Smart Diabetes Prediction System Using Machine Learning Algorithms
Smart Diabetes Prediction System Using Machine Learning Algorithms
IEEE BASE PAPER TITLE:
Improving Healthcare Prediction of Diabetic Patients Using KNN Imputed Features and Tri-Ensemble Model
IEEE BASE PAPER ABSTRACT:
Objective: Diabetes ranks as the most prevalent ailment in developing nations. Vital steps to mitigate the consequences of diabetes include early detection and expert medical intervention. A highly effective approach for identifying diabetes involves assessing the specific indicators associated with this condition. When it comes to automated diabetes detection, frequently encountered datasets frequently exhibit gaps in data, which can markedly impact the effectiveness of machine learning models. Methods: The aim of this study is to propose an automated method for predicting diabetes, with a focus on appropriately dealing with missing data and improving accuracy. The proposed framework makes use of K-Nearest Neighbour (KNN) imputed features along with a Tri-ensemble voting classifier model. Results: By incorporating the KNN imputer, the presented model demonstrates impressive performance metrics, including an accuracy of 97.49%, precision of 98.16%, recall of 99.35%, and an F1 score of 98.84%. The study conducted a thorough comparison of this proposed model against seven alternative machine learning algorithms, assessing them under two conditions: one with omitted missing values and another with the KNN imputer applied. These findings support the proposed model’s efficacy, highlighting its superiority over currently established state-of-the-art techniques. Conclusion: This research explores the problem of missing data in diabetes diagnosis and highlights the efficacy of the KNN-imputed technique. The results are promising for healthcare practitioners as they could facilitate early detection and improve the quality of diabetic patient care.
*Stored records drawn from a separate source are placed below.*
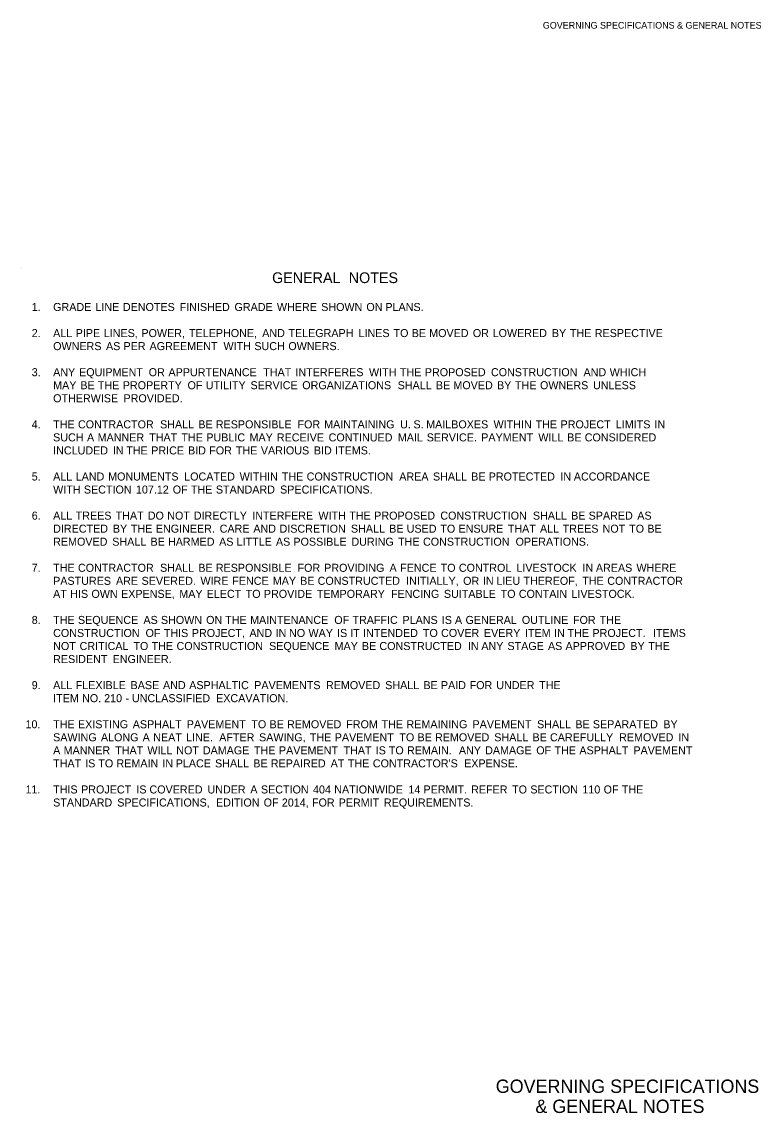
# Model space of a CAD drawing. Extents: x 194 to 1654, y 38 to 1017.
# Drawn here: x 991 to 1654, y 38 to 1017 of the extents above; entities that cross this region are included whole.
import ezdxf

# ---------------------------------------------------------------- set-up
doc = ezdxf.new("R2010")
doc.units = 0
for name, color, linetype in [('Default', 7, 'Continuous'), ('R_Annotation', 7, 'Continuous'), ('R_Border', 7, 'Continuous'), ('R_No Plot', 7, 'Continuous')]:
    doc.layers.add(name, color=color, linetype=linetype)

msp = doc.modelspace()

# ---------------------------------------------------------------- linework, layer by layer
at = {"layer": 'R_No Plot'}
msp.add_line((990.64, 795.13), (990.64, 795.13), dxfattribs=at)

# ---------------------------------------------------------------- texts
at = {"layer": 'Default'}
for s, height, p in [('GENERAL', 9.6, (1215.08, 782.43)), (' NOTES', 9.6, (1280.27, 782.43)), ('1.', 7.2, (999.51, 757.37)), ('GRADE', 7.2, (1018.72, 757.37)), (' LINE', 7.2, (1053.96, 757.37)), (' DENOTES', 7.2, (1078.58, 757.37)), (' FINISHED', 7.2, (1129.49, 757.37)), (' GRADE', 7.2, (1178.69, 757.37)), (' WHERE', 7.2, (1216.73, 757.37)), (' SHOWN', 7.2, (1256.44, 757.37)), (' ON', 7.2, (1296.97, 757.37)), (' PLANS.', 7.2, (1314.03, 757.37)), ('2.', 7.2, (999.51, 733.97)), ('ALL', 7.2, (1018.72, 733.97)), (' PIPE', 7.2, (1036.26, 733.97)), (' LINES,', 7.2, (1061.44, 733.97)), (' POWER,', 7.2, (1095.21, 733.97)), (' TELEPHONE,', 7.2, (1137.91, 733.97)), (' AND', 7.2, (1203.54, 733.97)), (' TELEGRAPH', 7.2, (1227.04, 733.97)), (' LINES', 7.2, (1289.97, 733.97)), (' TO', 7.2, (1321.31, 733.97)), (' BE', 7.2, (1337.62, 733.97)), (' MOVED', 7.2, (1353.3, 733.97)), (' OR', 7.2, (1392.45, 733.97)), (' LOWERED', 7.2, (1410.2, 733.97)), (' BY', 7.2, (1463.32, 733.97)), (' THE', 7.2, (1479.46, 733.97)), (' RESPECTIVE', 7.2, (1501.84, 733.97)), ('OWNERS', 7.2, (1018.72, 722.27)), (' AS', 7.2, (1063.47, 722.27)), (' PER', 7.2, (1079.16, 722.27)), (' AGREEMENT', 7.2, (1102.5, 722.27)), (' WITH', 7.2, (1168.82, 722.27)), (' SUCH', 7.2, (1196.5, 722.27)), (' OWNERS.', 7.2, (1226.99, 722.27)), ('3.', 7.2, (999.51, 698.87)), ('ANY', 7.2, (1018.72, 698.87)), (' EQUIPMENT', 7.2, (1039.33, 698.87)), (' OR', 7.2, (1101.73, 698.87)), (' APPURTENANCE', 7.2, (1119.48, 698.87)), (' THAT', 7.2, (1204.48, 698.87)), (' INTERFERES', 7.2, (1233.34, 698.87)), (' WITH', 7.2, (1299.34, 698.87)), (' THE', 7.2, (1327.02, 698.87)), (' PROPOSED', 7.2, (1349.4, 698.87)), (' CONSTRUCTION', 7.2, (1408.68, 698.87)), (' AND', 7.2, (1491.7, 698.87)), (' WHICH', 7.2, (1515.2, 698.87)), ('MAY', 7.2, (1018.72, 687.17)), (' BE', 7.2, (1040.45, 687.17)), (' THE', 7.2, (1056.12, 687.17)), (' PROPERTY', 7.2, (1078.5, 687.17)), (' OF', 7.2, (1136.57, 687.17)), (' UTILITY', 7.2, (1152.87, 687.17)), (' SERVICE', 7.2, (1193.04, 687.17)), (' ORGANIZATIONS', 7.2, (1239.47, 687.17)), (' SHALL', 7.2, (1325.02, 687.17)), (' BE', 7.2, (1359.33, 687.17)), (' MOVED', 7.2, (1375.01, 687.17)), (' BY', 7.2, (1414.16, 687.17)), (' THE', 7.2, (1430.3, 687.17)), (' OWNERS', 7.2, (1452.68, 687.17)), (' UNLESS', 7.2, (1500.22, 687.17)), ('OTHERWISE', 7.2, (1018.72, 675.47)), (' PROVIDED.', 7.2, (1079.11, 675.47)), ('4.', 7.2, (999.51, 652.07)), ('THE', 7.2, (1018.72, 652.07)), (' CONTRACTOR', 7.2, (1038.31, 652.07)), (' SHALL', 7.2, (1111.95, 652.07)), (' BE', 7.2, (1146.26, 652.07)), (' RESPONSIBLE', 7.2, (1161.94, 652.07)), (' FOR', 7.2, (1235.2, 652.07)), (' MAINTAINING', 7.2, (1259.1, 652.07)), (' U.', 7.2, (1327.21, 652.07)), (' S.', 7.2, (1339.19, 652.07)), (' MAILBOXES', 7.2, (1350.61, 652.07)), (' WITHIN', 7.2, (1411.02, 652.07)), (' THE', 7.2, (1448.75, 652.07)), (' PROJECT', 7.2, (1471.13, 652.07)), (' LIMITS', 7.2, (1520.68, 652.07)), (' IN', 7.2, (1555.36, 652.07)), ('SUCH', 7.2, (1018.72, 640.37)), (' A', 7.2, (1046.42, 640.37)), (' MANNER', 7.2, (1055.94, 640.37)), (' THAT', 7.2, (1102.19, 640.37)), (' THE', 7.2, (1131.06, 640.37)), (' PUBLIC', 7.2, (1153.43, 640.37)), (' MAY', 7.2, (1192.17, 640.37)), (' RECEIVE', 7.2, (1216.69, 640.37)), (' CONTINUED', 7.2, (1263.11, 640.37)), (' MAIL', 7.2, (1325.18, 640.37)), (' SERVICE.', 7.2, (1351.09, 640.37)), (' PAYMENT', 7.2, (1399.97, 640.37)), (' WILL', 7.2, (1451.2, 640.37)), (' BE', 7.2, (1477.11, 640.37)), (' CONSIDERED', 7.2, (1492.78, 640.37)), ('INCLUDED', 7.2, (1018.72, 628.67)), (' IN', 7.2, (1069.61, 628.67)), (' THE', 7.2, (1081.64, 628.67)), (' PRICE', 7.2, (1104.02, 628.67)), (' BID', 7.2, (1137.02, 628.67)), (' FOR', 7.2, (1156.05, 628.67)), (' THE', 7.2, (1179.94, 628.67)), (' VARIOUS', 7.2, (1202.32, 628.67)), (' BID', 7.2, (1249.87, 628.67)), (' ITEMS.', 7.2, (1268.9, 628.67)), ('5.', 7.2, (999.51, 605.27)), ('ALL', 7.2, (1018.72, 605.27)), (' LAND', 7.2, (1036.26, 605.27)), (' MONUMENTS', 7.2, (1065.35, 605.27)), (' LOCATED', 7.2, (1133.57, 605.27)), (' WITHIN', 7.2, (1183.34, 605.27)), (' THE', 7.2, (1221.07, 605.27)), (' CONSTRUCTION', 7.2, (1243.45, 605.27)), (' AREA', 7.2, (1326.47, 605.27)), (' SHALL', 7.2, (1356.68, 605.27)), (' BE', 7.2, (1390.99, 605.27)), (' PROTECTED', 7.2, (1406.66, 605.27)), (' IN', 7.2, (1470.97, 605.27)), (' ACCORDANCE', 7.2, (1483, 605.27)), ('WITH', 7.2, (1018.72, 593.57)), (' SECTION', 7.2, (1043.61, 593.57)), (' 107.12', 7.2, (1090.3, 593.57)), (' OF', 7.2, (1123.31, 593.57)), (' THE', 7.2, (1139.62, 593.57)), (' STANDARD', 7.2, (1162, 593.57)), (' SPECIFICATIONS.', 7.2, (1219.6, 593.57)), ('6.', 7.2, (999.51, 570.17)), ('ALL', 7.2, (1018.72, 570.17)), (' TREES', 7.2, (1036.26, 570.17)), (' THAT', 7.2, (1072.07, 570.17)), (' DO', 7.2, (1100.93, 570.17)), (' NOT', 7.2, (1118.37, 570.17)), (' DIRECTLY', 7.2, (1142.2, 570.17)), (' INTERFERE', 7.2, (1194.66, 570.17)), (' WITH', 7.2, (1253.94, 570.17)), (' THE', 7.2, (1281.62, 570.17)), (' PROPOSED', 7.2, (1304, 570.17)), (' CONSTRUCTION', 7.2, (1363.28, 570.17)), (' SHALL', 7.2, (1446.3, 570.17)), (' BE', 7.2, (1480.61, 570.17)), (' SPARED', 7.2, (1496.29, 570.17)), (' AS', 7.2, (1539.92, 570.17)), ('DIRECTED', 7.2, (1018.72, 558.47)), (' BY', 7.2, (1069.61, 558.47)), (' THE', 7.2, (1085.75, 558.47)), (' ENGINEER.', 7.2, (1108.13, 558.47)), (' CARE', 7.2, (1165.39, 558.47)), (' AND', 7.2, (1195.6, 558.47)), (' DISCRETION', 7.2, (1219.1, 558.47)), (' SHALL', 7.2, (1283.11, 558.47)), (' BE', 7.2, (1317.42, 558.47)), (' USED', 7.2, (1333.1, 558.47)), (' TO', 7.2, (1363.31, 558.47)), (' ENSURE', 7.2, (1379.63, 558.47)), (' THAT', 7.2, (1423.81, 558.47)), (' ALL', 7.2, (1452.67, 558.47)), (' TREES', 7.2, (1473.01, 558.47)), (' NOT', 7.2, (1508.82, 558.47)), (' TO', 7.2, (1532.65, 558.47)), (' BE', 7.2, (1548.96, 558.47)), ('REMOVED', 7.2, (1018.72, 546.77)), (' SHALL', 7.2, (1069.05, 546.77)), (' BE', 7.2, (1103.36, 546.77)), (' HARMED', 7.2, (1119.04, 546.77)), (' AS', 7.2, (1164.9, 546.77)), (' LITTLE', 7.2, (1180.59, 546.77)), (' AS', 7.2, (1215.83, 546.77)), (' POSSIBLE', 7.2, (1231.52, 546.77)), (' DURING', 7.2, (1283.54, 546.77)), (' THE', 7.2, (1325.38, 546.77)), (' CONSTRUCTION', 7.2, (1347.76, 546.77)), (' OPERATIONS.', 7.2, (1430.78, 546.77)), ('7.', 7.2, (999.51, 523.37)), ('THE', 7.2, (1018.72, 523.37)), (' CONTRACTOR', 7.2, (1038.31, 523.37)), (' SHALL', 7.2, (1111.95, 523.37)), (' BE', 7.2, (1146.26, 523.37)), (' RESPONSIBLE', 7.2, (1161.94, 523.37)), (' FOR', 7.2, (1235.2, 523.37)), (' PROVIDING', 7.2, (1259.1, 523.37)), (' A', 7.2, (1317.72, 523.37)), (' FENCE', 7.2, (1327.24, 523.37)), (' TO', 7.2, (1363.6, 523.37)), (' CONTROL', 7.2, (1379.91, 523.37)), (' LIVESTOCK', 7.2, (1431.53, 523.37)), (' IN', 7.2, (1490.78, 523.37)), (' AREAS', 7.2, (1502.8, 523.37)), (' WHERE', 7.2, (1539.18, 523.37)), ('PASTURES', 7.2, (1018.72, 511.67)), (' ARE', 7.2, (1072.43, 511.67)), (' SEVERED.', 7.2, (1095.37, 511.67)), (' WIRE', 7.2, (1148.17, 511.67)), (' FENCE', 7.2, (1176.69, 511.67)), (' MAY', 7.2, (1213.05, 511.67)), (' BE', 7.2, (1237.57, 511.67)), (' CONSTRUCTED', 7.2, (1253.25, 511.67)), (' INITIALLY,', 7.2, (1332.64, 511.67)), (' OR', 7.2, (1383.73, 511.67)), (' IN', 7.2, (1401.48, 511.67)), (' LIEU', 7.2, (1413.51, 511.67)), (' THEREOF,', 7.2, (1437.85, 511.67)), (' THE', 7.2, (1490.62, 511.67)), (' CONTRACTOR', 7.2, (1513, 511.67)), ('AT', 7.2, (1018.72, 499.97)), (' HIS', 7.2, (1031.37, 499.97)), (' OWN', 7.2, (1050.41, 499.97)), (' EXPENSE,', 7.2, (1076.97, 499.97)), (' MAY', 7.2, (1129.19, 499.97)), (' ELECT', 7.2, (1153.71, 499.97)), (' TO', 7.2, (1188.73, 499.97)), (' PROVIDE', 7.2, (1205.05, 499.97)), (' TEMPORARY', 7.2, (1252.59, 499.97)), (' FENCING', 7.2, (1319.03, 499.97)), (' SUITABLE', 7.2, (1366.47, 499.97)), (' TO', 7.2, (1417.37, 499.97)), (' CONTAIN', 7.2, (1433.69, 499.97)), (' LIVESTOCK.', 7.2, (1480.93, 499.97)), ('8.', 7.2, (999.51, 476.57)), ('THE', 7.2, (1018.72, 476.57)), (' SEQUENCE', 7.2, (1038.31, 476.57)), (' AS', 7.2, (1097.03, 476.57)), (' SHOWN', 7.2, (1112.72, 476.57)), (' ON', 7.2, (1153.25, 476.57)), (' THE', 7.2, (1170.32, 476.57)), (' MAINTENANCE', 7.2, (1192.69, 476.57)), (' OF', 7.2, (1268.18, 476.57)), (' TRAFFIC', 7.2, (1284.48, 476.57)), (' PLANS', 7.2, (1329.35, 476.57)), (' IS', 7.2, (1364.61, 476.57)), (' A', 7.2, (1376.38, 476.57)), (' GENERAL', 7.2, (1385.9, 476.57)), (' OUTLINE', 7.2, (1436.42, 476.57)), (' FOR', 7.2, (1482.28, 476.57)), (' THE', 7.2, (1506.17, 476.57)), ('CONSTRUCTION', 7.2, (1018.72, 464.87)), (' OF', 7.2, (1098.94, 464.87)), (' THIS', 7.2, (1115.24, 464.87)), (' PROJECT,', 7.2, (1140.43, 464.87)), (' AND', 7.2, (1192.08, 464.87)), (' IN', 7.2, (1215.58, 464.87)), (' NO', 7.2, (1227.61, 464.87)), (' WAY', 7.2, (1245.04, 464.87)), (' IS', 7.2, (1270.68, 464.87)), (' IT', 7.2, (1282.45, 464.87)), (' INTENDED', 7.2, (1293.98, 464.87)), (' TO', 7.2, (1347.66, 464.87)), (' COVER', 7.2, (1363.97, 464.87)), (' EVERY', 7.2, (1402.41, 464.87)), (' ITEM', 7.2, (1439.24, 464.87)), (' IN', 7.2, (1465.31, 464.87)), (' THE', 7.2, (1477.34, 464.87)), (' PROJECT.', 7.2, (1499.72, 464.87)), ('  ITEMS', 7.2, (1551.38, 464.87)), ('NOT', 7.2, (1018.72, 453.17)), (' CRITICAL', 7.2, (1039.75, 453.17)), (' TO', 7.2, (1088.03, 453.17)), (' THE', 7.2, (1104.34, 453.17)), (' CONSTRUCTION', 7.2, (1126.72, 453.17)), (' SEQUENCE', 7.2, (1209.73, 453.17)), (' MAY', 7.2, (1268.46, 453.17)), (' BE', 7.2, (1292.98, 453.17)), (' CONSTRUCTED', 7.2, (1308.66, 453.17)), (' IN', 7.2, (1388.05, 453.17)), (' ANY', 7.2, (1400.08, 453.17)), (' STAGE', 7.2, (1423.48, 453.17)), (' AS', 7.2, (1459.85, 453.17)), (' APPROVED', 7.2, (1475.54, 453.17)), (' BY', 7.2, (1533.71, 453.17)), (' THE', 7.2, (1549.85, 453.17)), ('RESIDENT', 7.2, (1018.72, 441.47)), (' ENGINEER.', 7.2, (1069.39, 441.47)), ('9.', 7.2, (999.51, 418.07)), ('ALL', 7.2, (1018.72, 418.07)), (' FLEXIBLE', 7.2, (1036.26, 418.07)), (' BASE', 7.2, (1085.48, 418.07)), (' AND', 7.2, (1114.59, 418.07)), (' ASPHALTIC', 7.2, (1138.09, 418.07)), (' PAVEMENTS', 7.2, (1196.39, 418.07)), (' REMOVED', 7.2, (1260.72, 418.07)), (' SHALL', 7.2, (1313.84, 418.07)), (' BE', 7.2, (1348.15, 418.07)), (' PAID', 7.2, (1363.83, 418.07)), (' FOR', 7.2, (1389.57, 418.07)), (' UNDER', 7.2, (1413.46, 418.07)), (' THE', 7.2, (1451.89, 418.07)), ('ITEM', 7.2, (1018.72, 406.37)), (' NO.', 7.2, (1041.99, 406.37)), (' 210', 7.2, (1061.79, 406.37)), (' UNCLASSIFIED', 7.2, (1086.71, 406.37)), (' EXCAVATION.', 7.2, (1162.2, 406.37)), (' -', 7.2, (1080.88, 406.37)), ('10.', 7.2, (993.92, 382.97)), ('THE', 7.2, (1018.72, 382.97)), (' EXISTING', 7.2, (1038.31, 382.97)), (' ASPHALT', 7.2, (1087.43, 382.97)), (' PAVEMENT', 7.2, (1135.87, 382.97)), (' TO', 7.2, (1193.81, 382.97)), (' BE', 7.2, (1210.12, 382.97)), (' REMOVED', 7.2, (1225.8, 382.97)), (' FROM', 7.2, (1278.93, 382.97)), (' THE', 7.2, (1310.58, 382.97)), (' REMAINING', 7.2, (1332.96, 382.97)), (' PAVEMENT', 7.2, (1392.14, 382.97)), (' SHALL', 7.2, (1450.08, 382.97)), (' BE', 7.2, (1484.39, 382.97)), (' SEPARATED', 7.2, (1500.07, 382.97)), (' BY', 7.2, (1563.27, 382.97)), ('SAWING', 7.2, (1018.72, 371.27)), (' ALONG', 7.2, (1058.89, 371.27)), (' A', 7.2, (1096.27, 371.27)), (' NEAT', 7.2, (1105.79, 371.27)), (' LINE.', 7.2, (1135.22, 371.27)), ('  AFTER', 7.2, (1162.29, 371.27)), (' SAWING,', 7.2, (1200.72, 371.27)), (' THE', 7.2, (1246.22, 371.27)), (' PAVEMENT', 7.2, (1268.6, 371.27)), (' TO', 7.2, (1326.54, 371.27)), (' BE', 7.2, (1342.85, 371.27)), (' REMOVED', 7.2, (1358.53, 371.27)), (' SHALL', 7.2, (1411.66, 371.27)), (' BE', 7.2, (1445.97, 371.27)), (' CAREFULLY', 7.2, (1461.65, 371.27)), (' REMOVED', 7.2, (1523.63, 371.27)), (' IN', 7.2, (1576.75, 371.27)), ('A', 7.2, (1018.72, 359.57)), (' MANNER', 7.2, (1025.45, 359.57)), (' THAT', 7.2, (1071.7, 359.57)), (' WILL', 7.2, (1100.57, 359.57)), (' NOT', 7.2, (1126.47, 359.57)), (' DAMAGE', 7.2, (1150.3, 359.57)), (' THE', 7.2, (1196.16, 359.57)), (' PAVEMENT', 7.2, (1218.54, 359.57)), (' THAT', 7.2, (1276.48, 359.57)), (' IS', 7.2, (1305.34, 359.57)), (' TO', 7.2, (1317.11, 359.57)), (' REMAIN.', 7.2, (1333.43, 359.57)), ('  ANY', 7.2, (1377.27, 359.57)), (' DAMAGE', 7.2, (1403.46, 359.57)), (' OF', 7.2, (1449.33, 359.57)), (' THE', 7.2, (1465.63, 359.57)), (' ASPHALT', 7.2, (1488.01, 359.57)), (' PAVEMENT', 7.2, (1536.45, 359.57)), ('THAT', 7.2, (1018.72, 347.87)), (' IS', 7.2, (1044.79, 347.87)), (' TO', 7.2, (1056.56, 347.87)), (' REMAIN', 7.2, (1072.87, 347.87)), (' IN', 7.2, (1113.97, 347.87)), (' PLACE', 7.2, (1126, 347.87)), (' SHALL', 7.2, (1161.25, 347.87)), (' BE', 7.2, (1195.56, 347.87)), (' REPAIRED', 7.2, (1211.24, 347.87)), (' AT', 7.2, (1264.93, 347.87)), (' THE', 7.2, (1280.38, 347.87)), (" CONTRACTOR'S", 7.2, (1302.76, 347.87)), (' EXPENSE.', 7.2, (1384.64, 347.87)), ('11.', 7.2, (993.92, 324.47)), ('THIS', 7.2, (1018.72, 324.47)), (' PROJECT', 7.2, (1041.11, 324.47)), (' IS', 7.2, (1090.66, 324.47)), (' COVERED', 7.2, (1102.43, 324.47)), (' UNDER', 7.2, (1154.44, 324.47)), (' A', 7.2, (1192.88, 324.47)), (' SECTION', 7.2, (1202.4, 324.47)), (' 404', 7.2, (1249.09, 324.47)), (' NATIONWIDE', 7.2, (1268.17, 324.47)), (' 14', 7.2, (1334.7, 324.47)), (' PERMIT.', 7.2, (1348.19, 324.47)), (' REFER', 7.2, (1390.9, 324.47)), (' TO', 7.2, (1427.66, 324.47)), (' SECTION', 7.2, (1443.98, 324.47)), (' 110', 7.2, (1490.67, 324.47)), (' OF', 7.2, (1509.75, 324.47)), (' THE', 7.2, (1526.06, 324.47)), ('STANDARD', 7.2, (1018.72, 312.77)), (' SPECIFICATIONS,', 7.2, (1073.53, 312.77)), (' EDITION', 7.2, (1162.07, 312.77)), (' OF', 7.2, (1204.84, 312.77)), (' 2014,', 7.2, (1221.15, 312.77)), (' FOR', 7.2, (1248.21, 312.77)), (' PERMIT', 7.2, (1272.1, 312.77)), (' REQUIREMENTS.', 7.2, (1312.7, 312.77))]:
    msp.add_text(s, height=height, dxfattribs=at).set_placement(p)
at = {"layer": 'R_Annotation'}
for s, p in [('GOVERNING SPECIFICATIONS', (1415.71, 55.77)), ('& GENERAL NOTES', (1451.24, 37.77))]:
    msp.add_text(s, height=12, dxfattribs=at).set_placement(p)
at = {"layer": 'R_Border'}
msp.add_text('GOVERNING SPECIFICATIONS & GENERAL NOTES', height=6, dxfattribs=at).set_placement((1457.91, 1010.75))

doc.saveas('drawing.dxf')

OUR PROPOSED PROJECT ABSTRACT:
Diabetes is a chronic medical condition that occurs when the body is unable to properly process and regulate blood glucose levels. It is a major global health concern, with both genetic and lifestyle factors contributing to its development. Early detection and prediction of diabetes can help in the management and prevention of complications, making predictive systems essential in healthcare today.
The “Smart Diabetes Prediction System Using Machine Learning Algorithms” is designed to predict the likelihood of diabetes in individuals based on various health parameters. This system is developed using Python for the backend and Flask as the web framework, with the frontend built using HTML, CSS, and JavaScript for a seamless user experience. The system utilizes four powerful machine learning models: Stacking Classifier, ExtraTree Classifier, LGBM Classifier, and CatBoost Classifier, which are trained and evaluated using the enhanced Pima Indians Diabetes Database. The dataset comprises 1,382 records with features such as Pregnancies, Glucose levels, Blood Pressure, Skin Thickness, Insulin, BMI, Diabetes Pedigree Function, Age, and Outcome.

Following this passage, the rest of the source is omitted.